29 For whom he did foreknow, he also did predestinate to be conformed to the image of his Son, that he might be the firstborn among many brethren.
30 Moreover whom he did predestinate, them he also called: and whom he called, them he also justified: and whom he justified, them he also glorified.
—Romans 8:28-30

2) Believe in God and be baptized: Certainly, one must believe in God, but the Scriptures tell us, over and again, that salvation comes by faith in Christ, by believing in the Son of God. For example:

16 For God so loved the world, that he gave his only begotten Son, that whosoever believeth in him should not perish, but have everlasting life.
17 For God sent not his Son into the world to condemn the world; but that the world through him might be saved.
18 He that believeth on him is not condemned: but he that believeth not is condemned already, because he hath not believed in the name of the only begotten Son of God.
—John 3:16-18

Every Protestant professing Christian I know considers the ordinance of baptism to be of great importance, but not necessary to salvation. In baptism, the Christian publicly identifies with the death, burial and resurrection of Jesus Christ; thereby proclaiming his faith to the world. He is not saved by baptism, nor are any sins forgiven as a consequence of being baptized. There is nothing in Scripture to suggest that, in baptism, sins are forgiven. Catholic spokesmen sometimes point to John's baptism for repentance as a proof that baptism removes the stain of sin. This is not so, of course, for it was but a call to Jews to publicly declare their intention to repent of their worldly ways and to return godly living. Jesus submitted to John's baptism. Surely He had no sins of which He needed to be cleansed. Baptism is a work, in the Roman Church it is a sacrament; in Protestant churches it is an ordinance. Having water dribbled on the forehead or taking a dip, in either church, does not erase sin and its effects on man. Salvation is by faith, not by works.

3) Persevere to the end: This is a tough issue. Even in some non-Catholic churches, there are those who believe that God's mercy and salvation are sometime things to be given and taken away repeatedly. The Bible is clear that not one soul that God gives to the Son will be lost – not a single one. Is God a liar?

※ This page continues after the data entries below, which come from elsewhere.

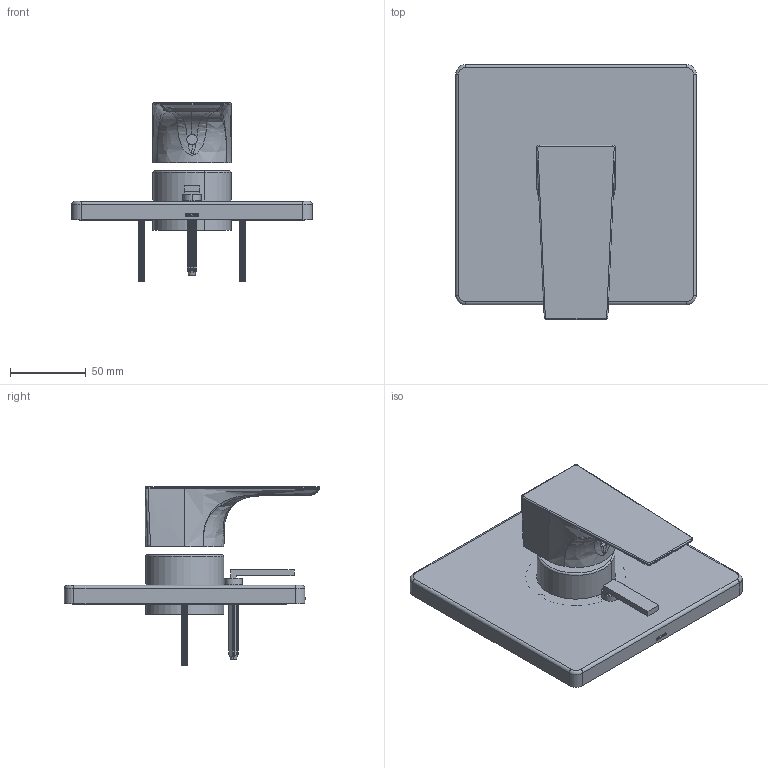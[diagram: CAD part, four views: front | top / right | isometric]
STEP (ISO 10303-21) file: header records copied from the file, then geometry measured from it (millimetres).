
FILE_DESCRIPTION (( 'STEP AP214' ), '1' );
FILE_NAME ('S4990TRM.STEP', '2025-01-02T03:13:19', ( '' ), ( '' ), 'SwSTEP 2.0', 'SolidWorks 2023', '' );
FILE_SCHEMA (( 'AUTOMOTIVE_DESIGN' ));
Products named in the file (1): S4990TRM
Bounding box: 158.75 x 168.53 x 117.98 mm (x, y, z)
Surface area: 125979.8 mm2 (no closed solid volume)
Topology: 0 solids, 119 shells, 1070 faces, 3248 edges, 2220 vertices
Faces by surface type: cylinder 549, cone 232, plane 224, bspline 43, torus 22
Entity records: 66065 total; most frequent: CARTESIAN_POINT 39014, ORIENTED_EDGE 5388, DIRECTION 5166, EDGE_CURVE 3246, VERTEX_POINT 2220, AXIS2_PLACEMENT_3D 1889, LINE 1388, VECTOR 1388

37 All that the Father giveth me shall come to me; and him that cometh to me I will in no wise cast out.
38 For I came down from heaven, not to do mine own will, but the will of him that sent me.
39 And this is the Father's will which hath sent me, that of all which he hath given me I should lose nothing, but should raise it up again at the last day.
40 And this is the will of him that sent me, that every one which seeth the Son, and believeth on him, may have everlasting life: and I will raise him up at the last day.
—John 6:37-40

We've looked at the Catholic requirements for salvation. Now, it's time to see what Scripture says:

4 But God, who is rich in mercy, for his great love wherewith he loved us,
5 Even when we were dead in sins, hath quickened us together with Christ, (by grace ye are saved)
6 And hath raised us up together, and made us sit together in heavenly places in Christ Jesus:
7 That in the ages to come he might shew the exceeding riches of his grace in his kindness toward us through Christ Jesus.
8 For by grace are ye saved through faith; and that not of yourselves: it is the gift of God:
9 Not of works, lest any man should boast.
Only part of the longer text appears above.